Three-Dimensional Aeroelastic Solutions via the Nonlinear Frequency Domain Method

Introduction It has previously been shown that aeroelastic solutions may be obtained efficiently using a frequency-domain flow solver; the approach was demonstrated in two and three dimensions using the Harmonic Balance... [ view full abstract ]

Introduction

It has previously been shown that aeroelastic solutions may be obtained efficiently using a frequency-domain flow solver; the approach was demonstrated in two and three dimensions using the Harmonic Balance technique [1-3], and in two dimensions using the Nonlinear Frequency Domain (NLFD) [4] and Time-Spectral [5] methods. The goal of the present work was to extend the NLFD approach for computing aeroelastic solutions to three dimensional inviscid flows. Specifically, the intent of this work was to provide a framework for the computation of the flutter boundary of aircraft components.

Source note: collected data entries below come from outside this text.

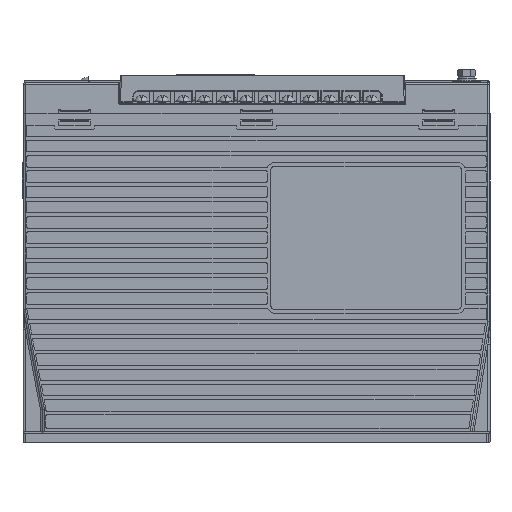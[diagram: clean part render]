
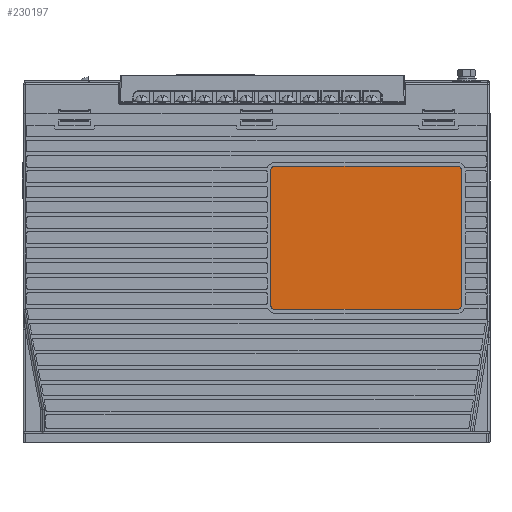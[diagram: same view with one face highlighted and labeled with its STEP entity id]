
A CAD part, left-side view. The second image highlights one B-rep face of the part: STEP entity #230197.
In plain terms, the highlighted planar face has unit normal (-1, 0, 0).
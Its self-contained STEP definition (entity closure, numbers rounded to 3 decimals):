
#90640=DIRECTION('',(0.,0.,-1.));
#90641=VECTOR('',#90640,71.);
#90642=CARTESIAN_POINT('',(0.3,-7.5,142.8));
#90643=LINE('',#90642,#90641);
#90661=DIRECTION('',(0.,1.,0.));
#90662=VECTOR('',#90661,96.);
#90663=CARTESIAN_POINT('',(0.3,-105.5,144.8));
#90664=LINE('',#90663,#90662);
#90668=DIRECTION('',(0.,-1.,0.));
#90669=VECTOR('',#90668,96.);
#90670=CARTESIAN_POINT('',(0.3,-9.5,69.8));
#90671=LINE('',#90670,#90669);
#90690=CARTESIAN_POINT('',(0.3,-9.5,71.8));
#90691=DIRECTION('',(-1.,0.,0.));
#90692=DIRECTION('',(0.,1.,0.));
#90693=AXIS2_PLACEMENT_3D('',#90690,#90691,#90692);
#90712=CARTESIAN_POINT('',(0.3,-105.5,71.8));
#90713=DIRECTION('',(-1.,0.,0.));
#90714=DIRECTION('',(0.,0.,-1.));
#90715=AXIS2_PLACEMENT_3D('',#90712,#90713,#90714);
#90728=DIRECTION('',(0.,0.,1.));
#90729=VECTOR('',#90728,71.);
#90730=CARTESIAN_POINT('',(0.3,-107.5,71.8));
#90731=LINE('',#90730,#90729);
#90764=CARTESIAN_POINT('',(0.3,-105.5,142.8));
#90765=DIRECTION('',(-1.,0.,0.));
#90766=DIRECTION('',(0.,-1.,0.));
#90767=AXIS2_PLACEMENT_3D('',#90764,#90765,#90766);
#90786=CARTESIAN_POINT('',(0.3,-9.5,142.8));
#90787=DIRECTION('',(-1.,0.,0.));
#90788=DIRECTION('',(0.,0.,1.));
#90789=AXIS2_PLACEMENT_3D('',#90786,#90787,#90788);
#143673=CARTESIAN_POINT('',(0.3,-9.5,69.8));
#143675=VERTEX_POINT('',#143673);
#143677=CARTESIAN_POINT('',(0.3,-9.5,144.8));
#143679=VERTEX_POINT('',#143677);
#143681=CARTESIAN_POINT('',(0.3,-105.5,144.8));
#143683=VERTEX_POINT('',#143681);
#143685=CARTESIAN_POINT('',(0.3,-105.5,69.8));
#143687=VERTEX_POINT('',#143685);
#143804=CARTESIAN_POINT('',(0.3,-7.5,142.8));
#143806=VERTEX_POINT('',#143804);
#143808=CARTESIAN_POINT('',(0.3,-107.5,142.8));
#143810=VERTEX_POINT('',#143808);
#145320=CARTESIAN_POINT('',(0.3,-7.5,71.8));
#145322=VERTEX_POINT('',#145320);
#145324=CARTESIAN_POINT('',(0.3,-107.5,71.8));
#145326=VERTEX_POINT('',#145324);
#230175=CARTESIAN_POINT('',(0.3,0.,5.));
#230176=DIRECTION('',(-1.,0.,0.));
#230177=DIRECTION('',(0.,0.,1.));
#230178=AXIS2_PLACEMENT_3D('',#230175,#230176,#230177);
#230179=PLANE('',#230178);
#230181=ORIENTED_EDGE('',*,*,#230180,.F.);
#230182=ORIENTED_EDGE('',*,*,#230165,.F.);
#230184=ORIENTED_EDGE('',*,*,#230183,.F.);
#230186=ORIENTED_EDGE('',*,*,#230185,.F.);
#230188=ORIENTED_EDGE('',*,*,#230187,.F.);
#230190=ORIENTED_EDGE('',*,*,#230189,.F.);
#230192=ORIENTED_EDGE('',*,*,#230191,.F.);
#230194=ORIENTED_EDGE('',*,*,#230193,.F.);
#230195=EDGE_LOOP('',(#230181,#230182,#230184,#230186,#230188,#230190,#230192,
#230194));
#230196=FACE_OUTER_BOUND('',#230195,.F.);
#90694=CIRCLE('',#90693,2.);
#90716=CIRCLE('',#90715,2.);
#90768=CIRCLE('',#90767,2.);
#90790=CIRCLE('',#90789,2.);
#230165=EDGE_CURVE('',#143806,#145322,#90643,.T.);
#230180=EDGE_CURVE('',#145322,#143675,#90694,.T.);
#230183=EDGE_CURVE('',#143679,#143806,#90790,.T.);
#230185=EDGE_CURVE('',#143683,#143679,#90664,.T.);
#230187=EDGE_CURVE('',#143810,#143683,#90768,.T.);
#230189=EDGE_CURVE('',#145326,#143810,#90731,.T.);
#230191=EDGE_CURVE('',#143687,#145326,#90716,.T.);
#230193=EDGE_CURVE('',#143675,#143687,#90671,.T.);
#230197=ADVANCED_FACE('',(#230196),#230179,.T.);

Governing Equations: Flow and Structural Solvers

For the sake of brevity, the governing equations of the flow and structural solvers are intentionally omitted in this abstract. For more information, the reader is referred to the work of Kachra and Nadarajah [4], since the equations and procedures utilized here are very similar, except that they are formulated in three dimensions. In the present work, however, the structural solver is based on a one-dimensional finite element model, comprising six degrees of freedom per node.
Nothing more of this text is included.